Quantum D-modules for toric nef complete intersections

TL;DR

This paper develops a framework for quantum D-modules associated with toric nef complete intersections, linking mirror symmetry, GKZ systems, and Gromov-Witten invariants to understand their algebraic and geometric structures.

Contribution

It introduces a new twisted quantum D-module for complete intersections and relates it to GKZ systems via mirror symmetry, providing explicit quotient descriptions.

Findings

The twisted quantum D-module is isomorphic to an ambient part of the quantum D-module of Z.

In the toric case, these quantum D-modules are cyclic.

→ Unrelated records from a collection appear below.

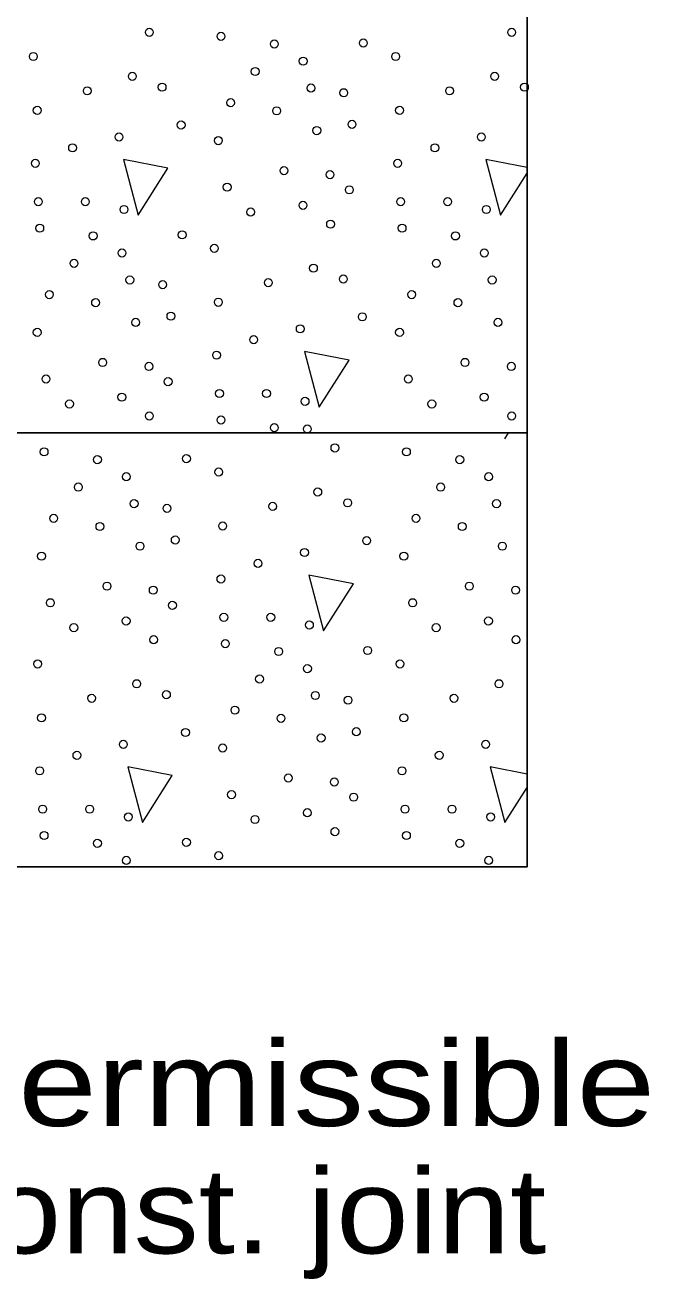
# Model space of a CAD drawing. Extents: x -410.5 to -376.5, y 1617.6 to 1661.6.
# Drawn here: x -391.077 to -389.927, y 1629.387 to 1631.696 of the extents above; entities that cross this region are included whole.
import ezdxf

# ---------------------------------------------------------------- set-up
doc = ezdxf.new("R2010")
doc.units = 0
doc.header["$LTSCALE"] = 0.062
doc.layers.add('1', color=7, linetype='Continuous', lineweight=13)

msp = doc.modelspace()

# ---------------------------------------------------------------- linework, layer by layer
at = {"layer": '1'}
for p, q in [((-390.22783, 1631.44833), (-390.20083, 1631.34592)), ((-390.15158, 1631.4335), (-390.22783, 1631.44833)), ((-390.20083, 1631.34592), (-390.15158, 1631.42333)), ((-390.19292, 1630.93383), (-390.18583, 1630.94508)), ((-390.21983, 1630.3295), (-390.19292, 1630.22717)), ((-390.15175, 1630.31625), (-390.21983, 1630.3295)), ((-390.19292, 1630.22717), (-390.15167, 1630.29192))]:
    msp.add_line(p, q, dxfattribs=at)
at = {"layer": '1', "lineweight": 25}
for points in [[(-391.09567, 1634.05167), (-391.07275, 1634.05717), (-390.86258, 1634.005), (-390.75258, 1634.02892), (-390.70333, 1634.03392), (-390.53658, 1634.02533), (-390.38608, 1633.99358), (-390.15167, 1634.0215), (-390.15167, 1630.94508), (-391.09567, 1630.94508)], [(-395.15925, 1630.79517), (-394.77725, 1630.79517), (-394.77725, 1630.1455), (-390.15167, 1630.1455), (-390.15167, 1630.94508), (-394.16367, 1630.94508), (-394.16367, 1630.79517), (-393.83325, 1630.79517), (-393.83325, 1630.64525), (-394.27908, 1630.64525), (-394.54583, 1630.79517), (-394.77725, 1630.79517)]]:
    msp.add_lwpolyline(points, dxfattribs=at)
at = {"layer": '1'}
for points in [[(-390.89542, 1631.44833), (-390.86842, 1631.34592), (-390.81342, 1631.43233)], [(-390.56158, 1631.095), (-390.53458, 1630.9925), (-390.47967, 1631.079)], [(-390.55358, 1630.68292), (-390.52667, 1630.58042), (-390.47167, 1630.66692)], [(-390.88733, 1630.3295), (-390.86033, 1630.22717), (-390.8055, 1630.31358)]]:
    msp.add_lwpolyline(points, close=True, dxfattribs=at)
for centre, major_axis in [((-390.8475, 1631.68266), (0, -0.00756)), ((-390.18, 1631.68266), (0, -0.00756)), ((-390.71567, 1631.67536), (0, -0.00756)), ((-390.61738, 1631.66105), (0, 0.00756)), ((-390.4534, 1631.66293), (0, -0.00756)), ((-391.06144, 1631.63814), (0, -0.00756)), ((-390.39393, 1631.63814), (0, -0.00756)), ((-390.65259, 1631.61046), (0, 0.00756)), ((-390.56426, 1631.62954), (0, 0.00756)), ((-390.87904, 1631.60157), (0, -0.00756)), ((-390.21154, 1631.60157), (0, -0.00756)), ((-390.96198, 1631.57489), (0, -0.00756)), ((-390.82409, 1631.58154), (0, -0.00756)), ((-390.5498, 1631.57995), (0, 0.00756)), ((-390.48944, 1631.5713), (0, -0.00756)), ((-390.29447, 1631.57489), (0, -0.00756)), ((-390.15658, 1631.58154), (0, -0.00756)), ((-390.69793, 1631.55292), (0, 0.00756)), ((-391.05421, 1631.53885), (0, -0.00756)), ((-390.61293, 1631.53796), (0, 0.00756)), ((-390.3867, 1631.53885), (0, -0.00756)), ((-390.78899, 1631.51187), (0, 0.00756)), ((-390.53906, 1631.50169), (0, 0.00756)), ((-390.47414, 1631.51317), (0, -0.00756)), ((-390.90341, 1631.48991), (0, -0.00756)), ((-390.72046, 1631.48325), (0, 0.00756)), ((-390.2359, 1631.48991), (0, -0.00756)), ((-390.98907, 1631.46989), (0, -0.00756)), ((-390.32156, 1631.46989), (0, -0.00756)), ((-391.05749, 1631.44126), (0, -0.00756)), ((-390.59969, 1631.42795), (0, 0.00756)), ((-390.38998, 1631.44126), (0, -0.00756)), ((-390.51464, 1631.42059), (0, 0.00756)), ((-390.70421, 1631.39739), (0, 0.00756)), ((-390.47921, 1631.39262), (0, -0.00756)), ((-391.0521, 1631.37065), (0, -0.00756)), ((-390.96554, 1631.37065), (0, 0.00756)), ((-390.8944, 1631.35634), (0, -0.00756)), ((-390.56454, 1631.364), (0, 0.00756)), ((-390.38459, 1631.37065), (0, -0.00756)), ((-390.29803, 1631.37065), (0, 0.00756)), ((-390.22689, 1631.35634), (0, -0.00756)), ((-390.66094, 1631.35157), (0, 0.00756)), ((-391.04943, 1631.32201), (0, -0.00756)), ((-390.78715, 1631.30958), (0, -0.00756)), ((-390.51375, 1631.32931), (0, -0.00756)), ((-390.38192, 1631.32201), (0, -0.00756)), ((-390.95113, 1631.3077), (0, 0.00756)), ((-390.28363, 1631.3077), (0, 0.00756)), ((-390.89801, 1631.27619), (0, 0.00756)), ((-390.72769, 1631.28479), (0, -0.00756)), ((-390.2305, 1631.27619), (0, 0.00756)), ((-390.98635, 1631.25711), (0, 0.00756)), ((-390.54529, 1631.24822), (0, -0.00756)), ((-390.31884, 1631.25711), (0, 0.00756)), ((-390.88355, 1631.2266), (0, 0.00756)), ((-390.8232, 1631.21795), (0, -0.00756)), ((-390.62823, 1631.22154), (0, -0.00756)), ((-390.49033, 1631.22819), (0, -0.00756)), ((-390.21604, 1631.2266), (0, 0.00756)), ((-391.03168, 1631.19957), (0, 0.00756)), ((-390.36417, 1631.19957), (0, 0.00756)), ((-390.94668, 1631.18461), (0, 0.00756)), ((-390.72046, 1631.1855), (0, -0.00756)), ((-390.27918, 1631.18461), (0, 0.00756)), ((-390.87281, 1631.14834), (0, 0.00756)), ((-390.8079, 1631.15982), (0, -0.00756)), ((-390.45523, 1631.15853), (0, 0.00756)), ((-390.20531, 1631.14834), (0, 0.00756)), ((-391.05421, 1631.1299), (0, 0.00756)), ((-390.56965, 1631.13656), (0, -0.00756)), ((-390.3867, 1631.1299), (0, 0.00756)), ((-390.65532, 1631.11654), (0, -0.00756)), ((-390.72374, 1631.08791), (0, -0.00756)), ((-390.93345, 1631.0746), (0, 0.00756)), ((-390.84839, 1631.06724), (0, 0.00756)), ((-390.26594, 1631.0746), (0, 0.00756)), ((-390.18089, 1631.06724), (0, 0.00756)), ((-391.03797, 1631.04404), (0, 0.00756)), ((-390.81296, 1631.03927), (0, -0.00756)), ((-390.37046, 1631.04404), (0, 0.00756)), ((-390.89829, 1631.01065), (0, 0.00756)), ((-390.71834, 1631.0173), (0, -0.00756)), ((-390.63179, 1631.0173), (0, 0.00756)), ((-390.23078, 1631.01065), (0, 0.00756)), ((-390.99469, 1630.99822), (0, 0.00756)), ((-390.56064, 1631.00299), (0, -0.00756)), ((-390.32718, 1630.99822), (0, 0.00756)), ((-390.8475, 1630.97596), (0, -0.00756)), ((-390.71567, 1630.96866), (0, -0.00756)), ((-390.18, 1630.97596), (0, -0.00756)), ((-390.61738, 1630.95435), (0, 0.00756)), ((-390.55656, 1630.95188), (0, 0.00756)), ((-390.50577, 1630.91719), (0, -0.00756)), ((-391.04145, 1630.90989), (0, -0.00756)), ((-390.94316, 1630.89558), (0, 0.00756)), ((-390.77917, 1630.89746), (0, -0.00756)), ((-390.37394, 1630.90989), (0, -0.00756)), ((-390.27565, 1630.89558), (0, 0.00756)), ((-390.71971, 1630.87267), (0, -0.00756)), ((-390.89004, 1630.86407), (0, 0.00756)), ((-390.22253, 1630.86407), (0, 0.00756)), ((-390.97837, 1630.84499), (0, 0.00756)), ((-390.53731, 1630.83609), (0, -0.00756)), ((-390.31086, 1630.84499), (0, 0.00756)), ((-390.87557, 1630.81448), (0, 0.00756)), ((-390.81522, 1630.80582), (0, -0.00756)), ((-390.62025, 1630.80942), (0, -0.00756)), ((-390.48235, 1630.81607), (0, -0.00756)), ((-390.20806, 1630.81448), (0, 0.00756)), ((-391.0237, 1630.78745), (0, 0.00756)), ((-390.3562, 1630.78745), (0, 0.00756)), ((-390.93871, 1630.77249), (0, 0.00756)), ((-390.71248, 1630.77338), (0, -0.00756)), ((-390.2712, 1630.77249), (0, 0.00756)), ((-390.86484, 1630.73621), (0, 0.00756)), ((-390.79992, 1630.7477), (0, -0.00756)), ((-390.44725, 1630.7464), (0, 0.00756)), ((-390.19733, 1630.73621), (0, 0.00756)), ((-391.04623, 1630.71778), (0, 0.00756)), ((-390.56168, 1630.72444), (0, -0.00756)), ((-390.37872, 1630.71778), (0, 0.00756)), ((-390.64734, 1630.70441), (0, -0.00756)), ((-390.71576, 1630.67579), (0, -0.00756)), ((-390.92547, 1630.66248), (0, 0.00756)), ((-390.84042, 1630.65512), (0, 0.00756)), ((-390.25796, 1630.66248), (0, 0.00756)), ((-390.17291, 1630.65512), (0, 0.00756)), ((-391.02999, 1630.63192), (0, 0.00756)), ((-390.80498, 1630.62715), (0, -0.00756)), ((-390.36248, 1630.63192), (0, 0.00756)), ((-390.89031, 1630.59853), (0, 0.00756)), ((-390.71036, 1630.60518), (0, -0.00756)), ((-390.62381, 1630.60518), (0, 0.00756)), ((-390.22281, 1630.59853), (0, 0.00756)), ((-390.98671, 1630.5861), (0, 0.00756)), ((-390.55267, 1630.59087), (0, -0.00756)), ((-390.3192, 1630.5861), (0, 0.00756)), ((-390.83953, 1630.56384), (0, -0.00756)), ((-390.70769, 1630.55654), (0, -0.00756)), ((-390.17202, 1630.56384), (0, -0.00756)), ((-390.6094, 1630.54223), (0, 0.00756)), ((-390.44542, 1630.54411), (0, -0.00756)), ((-391.05346, 1630.51932), (0, -0.00756)), ((-390.55628, 1630.51072), (0, 0.00756)), ((-390.38596, 1630.51932), (0, -0.00756)), ((-390.87107, 1630.48274), (0, -0.00756)), ((-390.64461, 1630.49164), (0, 0.00756)), ((-390.20356, 1630.48274), (0, -0.00756)), ((-390.95401, 1630.45607), (0, -0.00756)), ((-390.81611, 1630.46272), (0, -0.00756)), ((-390.54182, 1630.46113), (0, 0.00756)), ((-390.2865, 1630.45607), (0, -0.00756)), ((-390.68995, 1630.4341), (0, 0.00756)), ((-390.48146, 1630.45247), (0, -0.00756)), ((-391.04623, 1630.42003), (0, -0.00756)), ((-390.60495, 1630.41914), (0, 0.00756)), ((-390.37872, 1630.42003), (0, -0.00756)), ((-390.78101, 1630.39305), (0, 0.00756)), ((-390.46617, 1630.39435), (0, -0.00756)), ((-390.89543, 1630.37109), (0, -0.00756)), ((-390.71248, 1630.36443), (0, 0.00756)), ((-390.53108, 1630.38286), (0, 0.00756)), ((-390.22792, 1630.37109), (0, -0.00756)), ((-390.98109, 1630.35106), (0, -0.00756)), ((-390.31359, 1630.35106), (0, -0.00756)), ((-391.04951, 1630.32244), (0, -0.00756)), ((-390.38201, 1630.32244), (0, -0.00756)), ((-390.59171, 1630.30913), (0, 0.00756)), ((-390.50666, 1630.30177), (0, 0.00756)), ((-390.69624, 1630.27857), (0, 0.00756)), ((-390.47123, 1630.2738), (0, -0.00756)), ((-391.04412, 1630.25183), (0, -0.00756)), ((-390.95757, 1630.25183), (0, 0.00756)), ((-390.37661, 1630.25183), (0, -0.00756)), ((-390.29006, 1630.25183), (0, 0.00756)), ((-390.88642, 1630.23752), (0, -0.00756)), ((-390.65296, 1630.23275), (0, 0.00756)), ((-390.55656, 1630.24518), (0, 0.00756)), ((-390.21891, 1630.23752), (0, -0.00756)), ((-391.04145, 1630.20319), (0, -0.00756)), ((-390.50577, 1630.21049), (0, -0.00756)), ((-390.37394, 1630.20319), (0, -0.00756)), ((-390.94316, 1630.18888), (0, 0.00756)), ((-390.77917, 1630.19076), (0, -0.00756)), ((-390.27565, 1630.18888), (0, 0.00756)), ((-390.89004, 1630.15737), (0, 0.00756)), ((-390.71971, 1630.16597), (0, -0.00756)), ((-390.22253, 1630.15737), (0, 0.00756))]:
    msp.add_ellipse(centre, major_axis=major_axis, ratio=0.944543, dxfattribs=at)

# ---------------------------------------------------------------- texts
for s, width, p in [('Permissible', 1.25, (-391.26325, 1629.66825)), ('const. joint', 1.15, (-391.26325, 1629.43358))]:
    msp.add_text(s, height=0.156, dxfattribs=dict(at, width=width)).set_placement(p)

doc.saveas('drawing.dxf')
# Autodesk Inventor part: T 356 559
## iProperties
Company: Mayer & Müller AG Schaltgeräte
Created: 2005-12
Part Number: T 356 559
Material: Polyamid
Document SubType Name: Modeling
Designer: I.Baliuc
Manufacturer: Standard
Standards Organization: Custom
Description: Bolzen
Density: 1.42 g/cm^3
Abmessung: Rd 12
Author: T.Messerschmitt
Keywords: 213542
Revision Number: 356559
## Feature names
1. Extrusion2
2. Fase1 [Chamfer]

The paper constructs the defining system of equations for the ambient quantum D-module as a quotient of the GKZ system.

Abstract

On a smooth projective variety with k ample line bundles, we denote by Z the complete intersection subvariety defined by generic sections. We define the twisted quantum D-module which is a vector bundle with a flat connection, a flat pairing and a natural integrable structure. An appropriate quotient of it is isomorphic to the ambient part of the quantum D-module of Z. When the variety is toric, these quantum D-modules are cyclic. The twisted quantum D-module can be presented via mirror symmetry by the GKZ system associated to the total space of the dual of the direct sum of these line bundles. A question is to know what is the system of equations that define the ambiant part of the quantum D-module of Z. We construct this system as a quotient ideal of the GKZ system. We also state and prove the non-equivariant twisted Gromov-Witten axioms in the appendix.